Por interesse e curiosidade, mal saí de
Serralves fui procurar material para estudar. Agora, quando tiver tempo e
vontade de gastar mais 10 euros, irei ver pela segunda vez a exposição “Robert
Mapplethorpe: Pictures”. Moro a uma dúzia de quilómetros do Museu e tenho por
isso a oportunidade de rectificar facilmente a má impressão inicial; muitos
outros, portugueses e estrangeiros, não o conseguirão fazer. Visto estarmos
perante uma mostra que começou a ser preparada, de acordo com as notícias, em
Janeiro de 2017, não se compreende o aparente amadorismo. As recentes revelações
sobre a tensão prolongada entre João Ribas e a administração, a serem
verdadeiras, podem ser uma parte da explicação. Todavia, tendo em conta que o
curador participou na inauguração e até fez a primeira visita guiada antes de
se demitir, dificilmente poderá escapar a uma substancial parte da
responsabilidade.
(*) texto originalmente publicado no jornal
Público e disponível, com fotografias, em http://malomil.blogspot.com/2016/10/serralves-mon-amour.html
Sérgio Barreto Costa
sbcosta13@gmail.com
Concordo totalmente, aliás no meu caso em que tenho muita falta de "educação artística", na maior parte das vezes aprecio mais o contexto e a interpretação do artista do que a própria obra em si!

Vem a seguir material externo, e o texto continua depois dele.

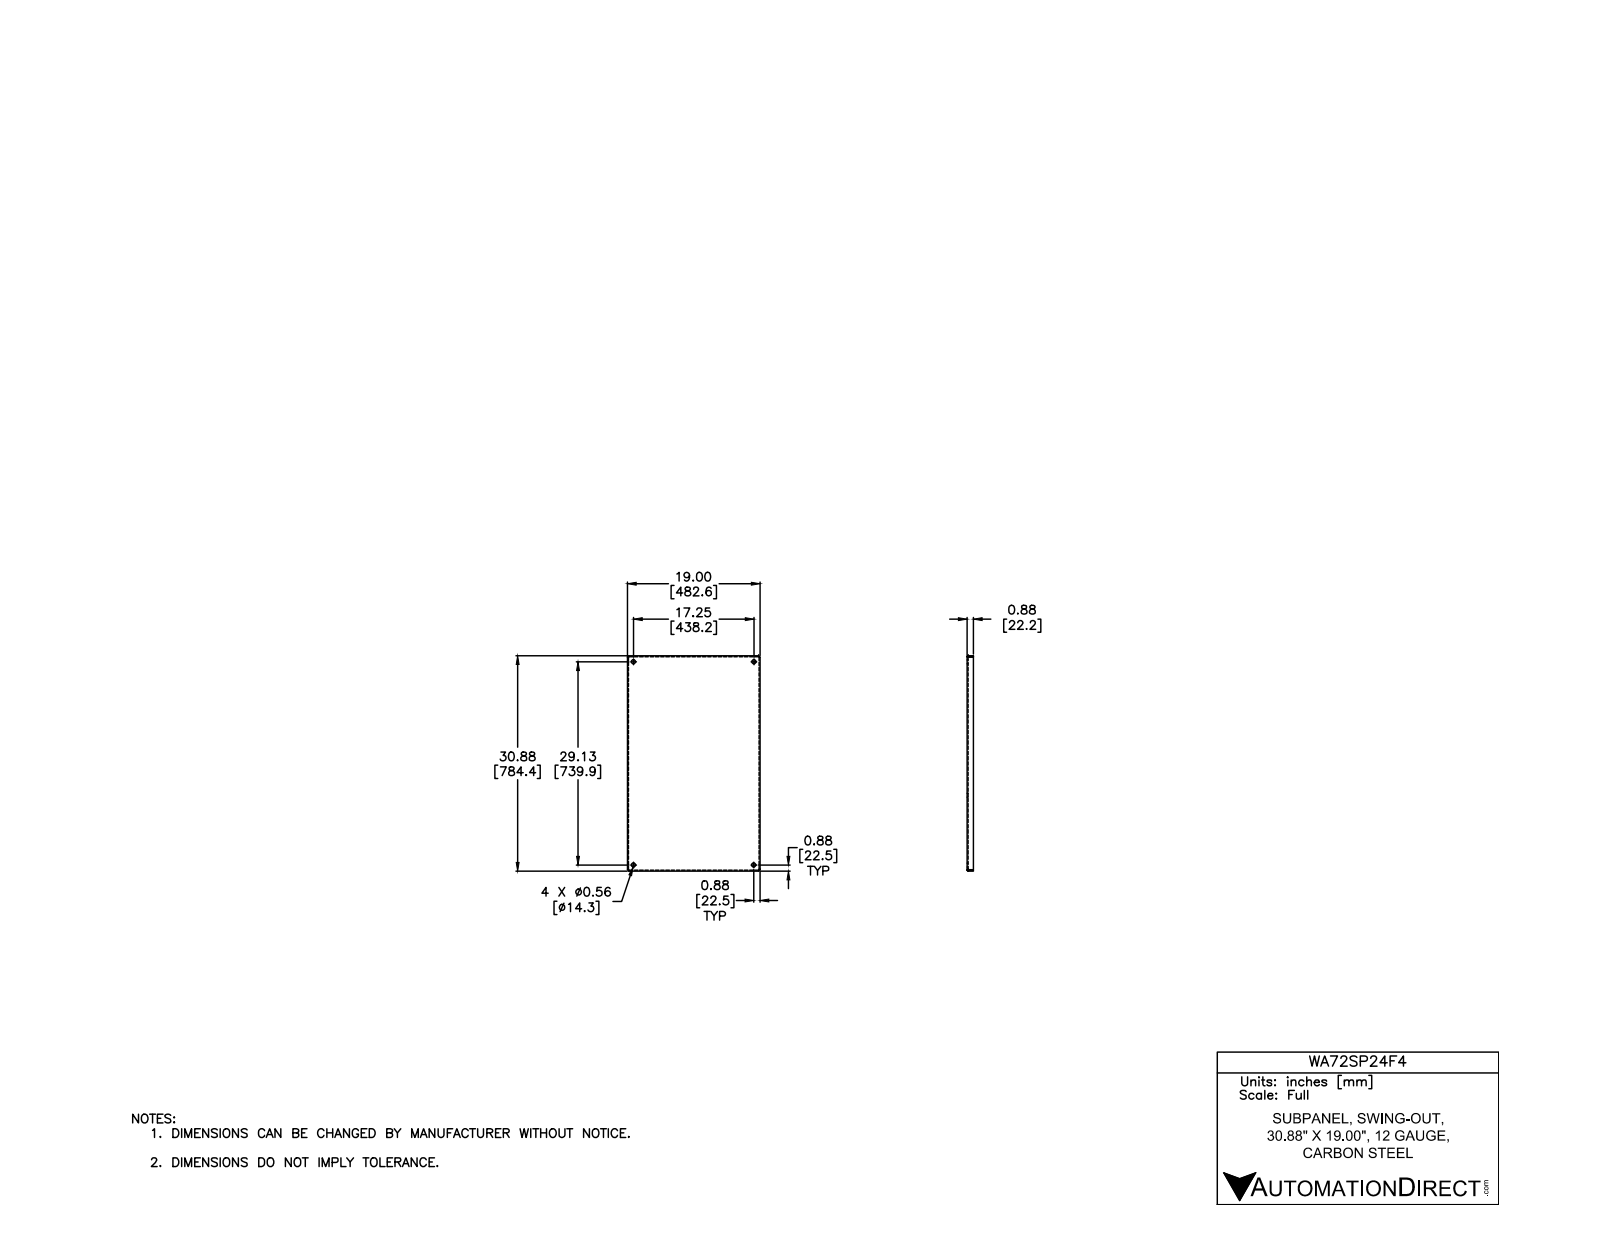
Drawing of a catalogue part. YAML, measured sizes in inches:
part_name: "WA60SP24F3-WA90SP36F4"
step_written_by: "Autodesk Inventor 2012 (AUTOMOTIVE_DESIGN)"
units: inches
bodies: {solids: 1, faces: 42, planar: 22, cylindrical: 12, other: 8}
overall_size: [30.88, 19, 0.875]
volume: 61.81
surface_area: 1329
round_holes:
  - {diameter: 0.563, count: 4}
partial_cylinders:
  - {radius: 0.031, count: 4}
  - {radius: 0.125, count: 4}
face_to_face_distances: [0.094, 18.906, 30.786, 18.813, 19, 30.693, 30.88, 0.781, 0.875, 0.16]
hole_center_spacings: [17.25, 29.13, 33.855]

ResponderEliminarEu o museu que até hoje mais gostei de visitar foi o Staatliche Museen Preussischer Kulturbesitz, em Berlim, precisamente porque tinha tudo magnificamente explicadinho. Visitar aquilo era uma verdadeira aula de história da arte.

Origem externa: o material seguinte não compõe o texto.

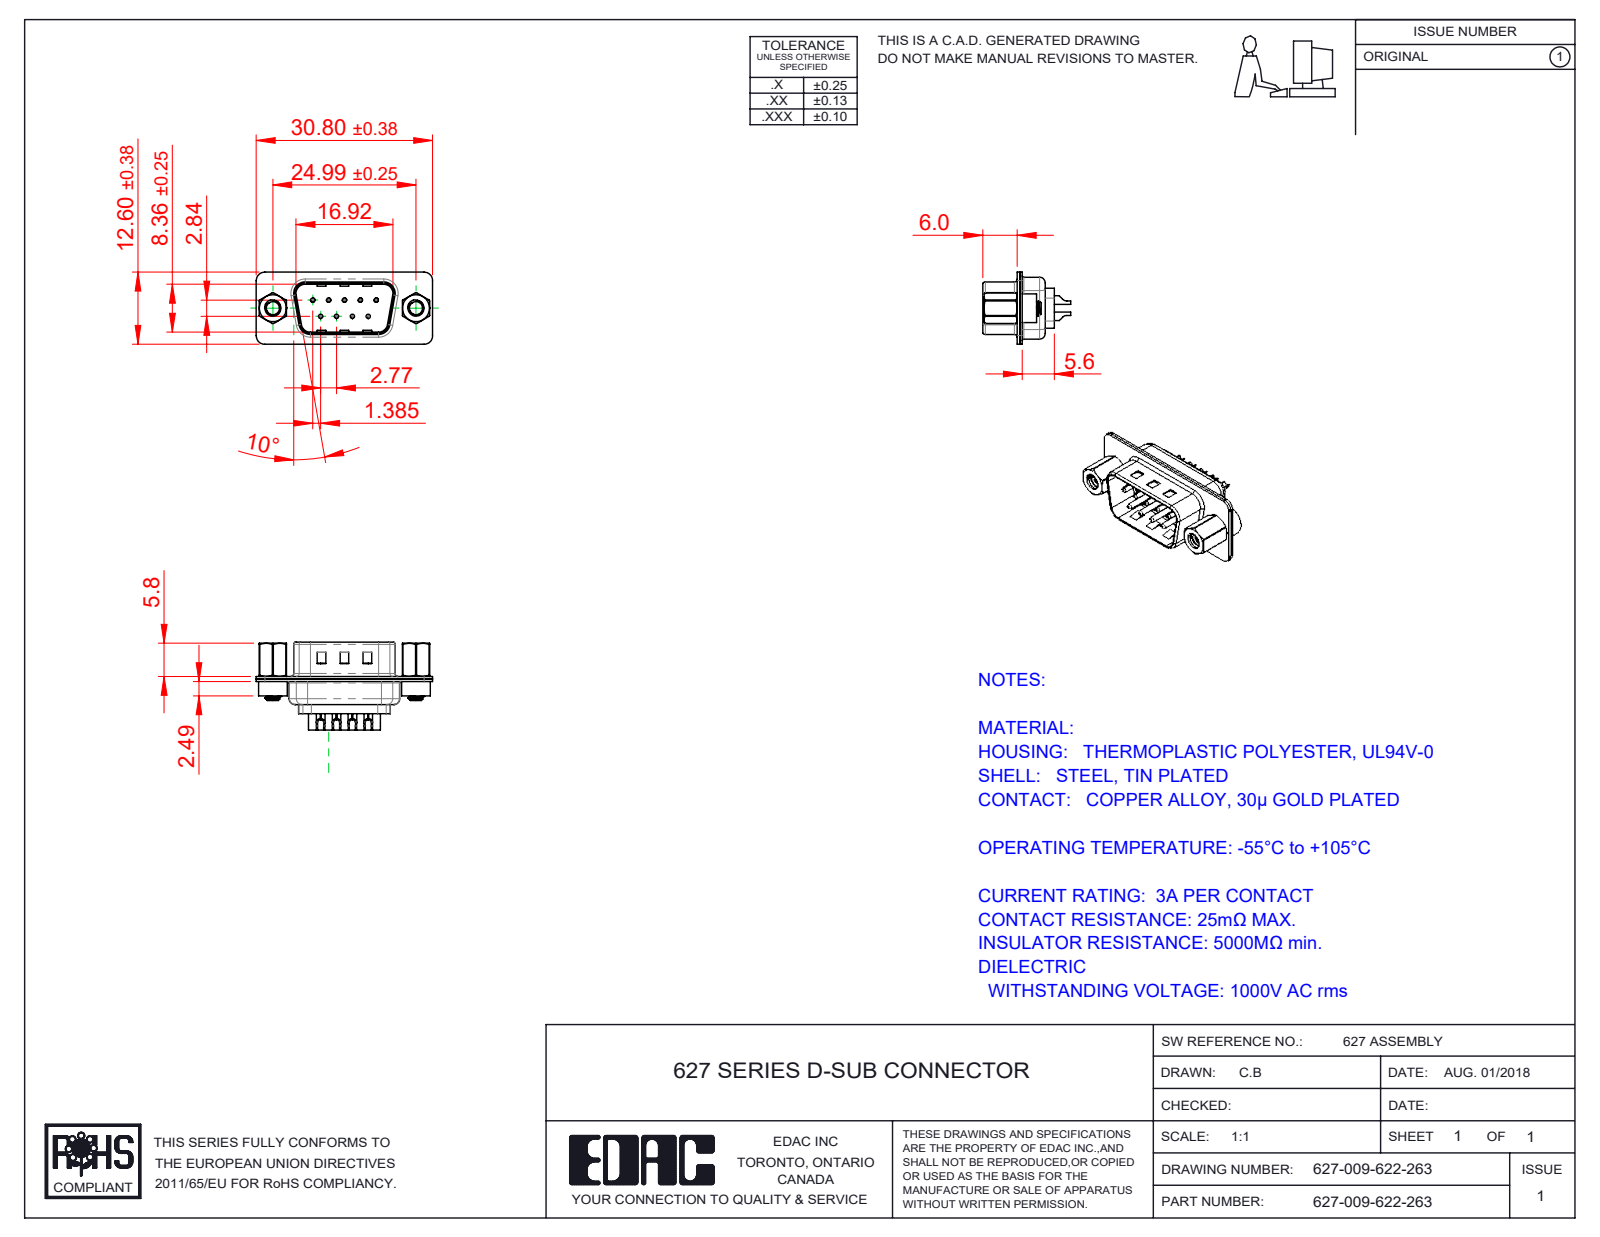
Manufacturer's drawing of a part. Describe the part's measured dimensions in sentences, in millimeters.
The part is named "627-009-622-263; 627 Shell Front_09 Contacts; 627 4-40 Threaded Rivet; 627 4-40 Hex Standoff (+4 more)". Its 3-D file was written by "SolidWorks 2020 (CONFIG_CONTROL_DESIGN)". It is 16 solids with 1002 faces: 255 planar, 460 cylindrical and 287 other. Overall it measures 30.8 by 15.35 by 12.6 millimeters. Its volume is 1 523 cubic millimeters and its surface area 4 425 square millimeters. Round holes: 9 of diameter 0.35, 9 of diameter 1.1, 9 of diameter 1.6, 2 of diameter 2.26, 2 of diameter 2.29, 2 of diameter 4, 2 of diameter 4.8. Round bosses or shafts: 9 of diameter 2, 9 of diameter 1.5, 9 of diameter 0.75, 2 of diameter 5, 2 of diameter 4.9, 2 of diameter 2.79. Partial cylindrical surfaces (rounded edges, fillets, slot ends): 18 of radius 1.5, 12 of radius 2, 8 of radius 0.5, 8 of radius 1.6, 6 of radius 1, 4 of radius 0.25, 4 of radius 0.6, 4 of radius 0.65. The main face-to-face distances are 0.45, 0.4, 0.9, 0.82, 9.58, 1.4, 8.76, 0.5, 1.5, 6.5. The hole center spacings are 3.16, 2.77, 5.54, 5.03, 5.04, 8.31, 7.48, 7.49.

ResponderEliminarPor outro lado, eu diria que, na maior parte das exposições na maior parte dos (bons) museus, é como na de Mapplethorpe: nada está explicado. Eu diria (posso estar enganado) que o comum é isso: as obras são apresentadas, é dada a data e o título, e mais nada.
Nesta exposição nem sequer existem legendas com o título e a data! Há um folheto com um mapa e o visitante tem de fazer uma "caça ao tesouro" para tentar descobrir qualquer coisa.